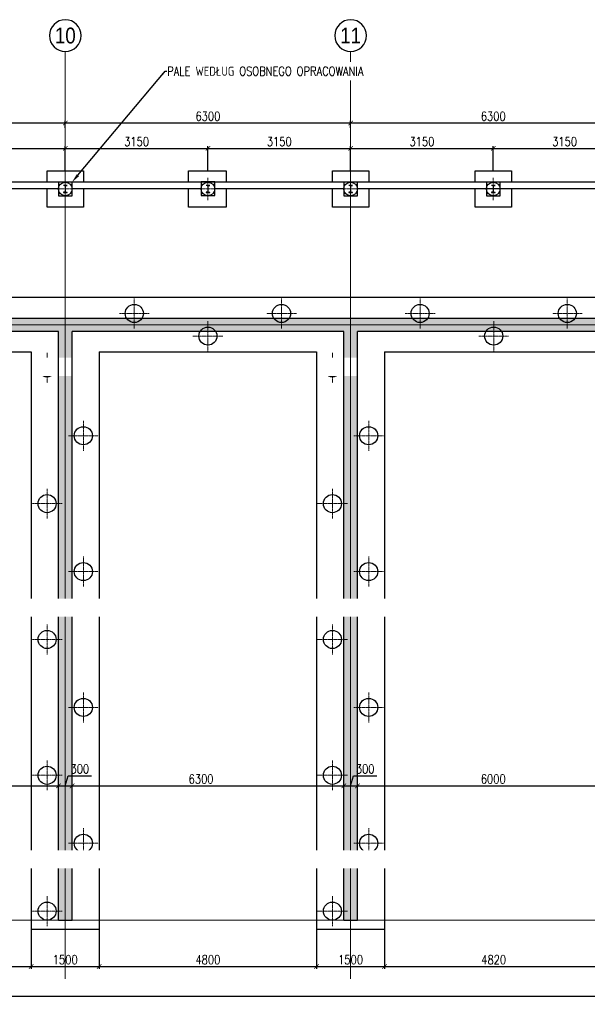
# Model space of a CAD drawing. Header units: millimetres. Extents: x -374129 to 1163271, y -112652 to 695637.
# Tile 159 of 256: x 43775 to 56307, y -1857 to 19889. Entities that reach past the tile are written whole.
import ezdxf
from ezdxf import colors
from ezdxf.entities.mleader import LeaderData, LeaderLine
from ezdxf.enums import TextEntityAlignment as Align
from ezdxf.math import Vec2, Vec3

# ---------------------------------------------------------------- set-up
doc = ezdxf.new("R2010")
doc.units = ezdxf.units.MM
doc.header["$PDMODE"] = 4
doc.linetypes.add('ACAD_ISO04W100', pattern=[30, 24, -3, 0, -3])
doc.linetypes.add('DO', pattern=[0.8, 0.6, -0.1, 0, -0.1])
for name, color, linetype, lineweight in [('--GT_Kolumna 1', 170, 'Continuous', 25), ('--GT_Kolumna 2', 94, 'Continuous', 25), ('013', 8, 'Continuous', 13), ('KRT_koty', 4, 'Continuous', 20), ('KRT_osie', 55, 'ACAD_ISO04W100', 18)]:
    doc.layers.add(name, color=color, linetype=linetype, lineweight=lineweight)
for name, color, linetype in [('KRT_fund', 3, 'Continuous'), ('KRT_kreskowanie', 252, 'Continuous'), ('KRT_opisy', 146, 'Continuous'), ('KRT_osie_budopis', 1, 'Continuous'), ('KRT_sciany', 2, 'Continuous'), ('KRT_stal', 4, 'Continuous'), ('KRT_wymiary', 4, 'Continuous'), ('KRT_wymiary_100', 4, 'Continuous')]:
    doc.layers.add(name, color=color, linetype=linetype)
doc.styles.add('biuro 1', font='arial.ttf')
doc.styles.add('WYMIAR', font='romans.shx', dxfattribs={"width": 0.8})
doc.dimstyles.new('KRT_1-100', dxfattribs={"dimscale": 100, "dimtxt": 2, "dimasz": 1, "dimexe": 0.5, "dimexo": 0, "dimgap": 0.5, "dimtad": 1, "dimdec": 1, "dimrnd": 0.1, "dimzin": 9, "dimdsep": 46, "dimtxsty": 'WYMIAR', "dimblk": 'ARCHTICK', "dimcen": 0.09, "dimdle": 0.5, "dimclrd": 1, "dimclre": 252, "dimclrt": 256, "dimadec": 0, "dimazin": 0, "dimtfac": 1, "dimtdec": 1, "dimtmove": 0, "dimatfit": 3, "dimfxl": 1, "dimtolj": 1, "dimtzin": 0, "dimarcsym": 0})

# ---------------------------------------------------------------- blocks, each defined once
blk = doc.blocks.new('opis_osi')
at = {"linetype": 'Continuous'}
for start, end in [(90, 180), (0, 90), (180, 270), (270, 0)]:
    blk.add_arc((0, -37.5), 35, start, end, dxfattribs=at)
at = {"color": 0, "linetype": 'Continuous', "style": 'biuro 1', "width": 0.85}
blk.add_attdef('AA', text='', height=35, dxfattribs=at).set_placement((0.1, -37.5), align=Align.MIDDLE_CENTER)
blk = doc.blocks.new('_ArchTick')
at = {"color": 0, "linetype": 'ByBlock', "const_width": 0.15}
blk.add_lwpolyline([(-0.5, -0.5), (0.5, 0.5)], dxfattribs=at)
blk = doc.blocks.new('*D62')
at = {"layer": 'Defpoints', "color": 0, "transparency": 16777216}
for p in [(44930, 2967), (44630, 2731), (44930, 2731)]:
    blk.add_point(p, dxfattribs=at)
at = {"layer": 'KRT_wymiary', "color": 1, "lineweight": -2, "transparency": 16777216}
for p, q in [((44780, 2967), (44848, 3192)), ((44848, 3192), (45359, 3192)), ((44580, 2967), (44980, 2967))]:
    blk.add_line(p, q, dxfattribs=at)
at = {"layer": 'KRT_wymiary', "color": 252, "lineweight": -2, "transparency": 16777216}
for p, q in [((44630, 2731), (44630, 3017)), ((44930, 2731), (44930, 3017))]:
    blk.add_line(p, q, dxfattribs=at)
at = {"layer": 'KRT_wymiary', "color": 1, "lineweight": -2, "transparency": 16777216, "xscale": 100, "yscale": 100, "zscale": 100, "rotation": 180}
blk.add_blockref('_ArchTick', (44630, 2967), dxfattribs=at)
at = {"layer": 'KRT_wymiary', "color": 1, "lineweight": -2, "transparency": 16777216, "xscale": 100, "yscale": 100, "zscale": 100}
blk.add_blockref('_ArchTick', (44930, 2967), dxfattribs=at)
at = {"layer": 'KRT_wymiary', "transparency": 16777216, "insert": (45103, 3342), "char_height": 200, "attachment_point": 5, "style": 'WYMIAR'}
blk.add_mtext('\\A1;300', dxfattribs=at)
blk = doc.blocks.new('*D63')
at = {"layer": 'Defpoints', "color": 0, "transparency": 16777216}
for p in [(44630, 2967), (38630, 2731), (44630, 2618)]:
    blk.add_point(p, dxfattribs=at)
at = {"layer": 'KRT_wymiary', "color": 1, "lineweight": -2, "transparency": 16777216}
blk.add_line((38580, 2967), (44680, 2967), dxfattribs=at)
at = {"layer": 'KRT_wymiary', "color": 252, "lineweight": -2, "transparency": 16777216}
for p, q in [((38630, 2731), (38630, 3017)), ((44630, 2618), (44630, 3017))]:
    blk.add_line(p, q, dxfattribs=at)
at = {"layer": 'KRT_wymiary', "color": 1, "lineweight": -2, "transparency": 16777216, "xscale": 100, "yscale": 100, "zscale": 100, "rotation": 180}
blk.add_blockref('_ArchTick', (38630, 2967), dxfattribs=at)
at = {"layer": 'KRT_wymiary', "color": 1, "lineweight": -2, "transparency": 16777216, "xscale": 100, "yscale": 100, "zscale": 100}
blk.add_blockref('_ArchTick', (44630, 2967), dxfattribs=at)
at = {"layer": 'KRT_wymiary', "transparency": 16777216, "insert": (41630, 3117), "char_height": 200, "attachment_point": 5, "style": 'WYMIAR'}
blk.add_mtext('\\A1;6000', dxfattribs=at)
blk = doc.blocks.new('*D65')
at = {"layer": 'Defpoints', "color": 0, "transparency": 16777216}
for p in [(51230, 2967), (50930, 2731), (51230, 2731)]:
    blk.add_point(p, dxfattribs=at)
at = {"layer": 'KRT_wymiary', "color": 1, "lineweight": -2, "transparency": 16777216}
for p, q in [((51080, 2967), (51148, 3192)), ((51148, 3192), (51659, 3192)), ((50880, 2967), (51280, 2967))]:
    blk.add_line(p, q, dxfattribs=at)
at = {"layer": 'KRT_wymiary', "color": 252, "lineweight": -2, "transparency": 16777216}
for p, q in [((50930, 2731), (50930, 3017)), ((51230, 2731), (51230, 3017))]:
    blk.add_line(p, q, dxfattribs=at)
at = {"layer": 'KRT_wymiary', "color": 1, "lineweight": -2, "transparency": 16777216, "xscale": 100, "yscale": 100, "zscale": 100, "rotation": 180}
blk.add_blockref('_ArchTick', (50930, 2967), dxfattribs=at)
at = {"layer": 'KRT_wymiary', "color": 1, "lineweight": -2, "transparency": 16777216, "xscale": 100, "yscale": 100, "zscale": 100}
blk.add_blockref('_ArchTick', (51230, 2967), dxfattribs=at)
at = {"layer": 'KRT_wymiary', "transparency": 16777216, "insert": (51403, 3342), "char_height": 200, "attachment_point": 5, "style": 'WYMIAR'}
blk.add_mtext('\\A1;300', dxfattribs=at)
blk = doc.blocks.new('*D66')
at = {"layer": 'Defpoints', "color": 0, "transparency": 16777216}
for p in [(50930, 2967), (44630, 2731), (50930, 2618)]:
    blk.add_point(p, dxfattribs=at)
at = {"layer": 'KRT_wymiary', "color": 1, "lineweight": -2, "transparency": 16777216}
blk.add_line((44580, 2967), (50980, 2967), dxfattribs=at)
at = {"layer": 'KRT_wymiary', "color": 252, "lineweight": -2, "transparency": 16777216}
for p, q in [((44630, 2731), (44630, 3017)), ((50930, 2618), (50930, 3017))]:
    blk.add_line(p, q, dxfattribs=at)
at = {"layer": 'KRT_wymiary', "color": 1, "lineweight": -2, "transparency": 16777216, "xscale": 100, "yscale": 100, "zscale": 100, "rotation": 180}
blk.add_blockref('_ArchTick', (44630, 2967), dxfattribs=at)
at = {"layer": 'KRT_wymiary', "color": 1, "lineweight": -2, "transparency": 16777216, "xscale": 100, "yscale": 100, "zscale": 100}
blk.add_blockref('_ArchTick', (50930, 2967), dxfattribs=at)
at = {"layer": 'KRT_wymiary', "transparency": 16777216, "insert": (47780, 3117), "char_height": 200, "attachment_point": 5, "style": 'WYMIAR'}
blk.add_mtext('\\A1;6300', dxfattribs=at)
blk = doc.blocks.new('*D67')
at = {"layer": 'Defpoints', "color": 0, "transparency": 16777216}
for p in [(57230, 2967), (51230, 2731), (57230, 2817)]:
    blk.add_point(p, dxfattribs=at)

· · ·

§ **Task directions**:
Would you count the lines in the data that include the word "layers" and reply with only the number?

§ **Response**:
2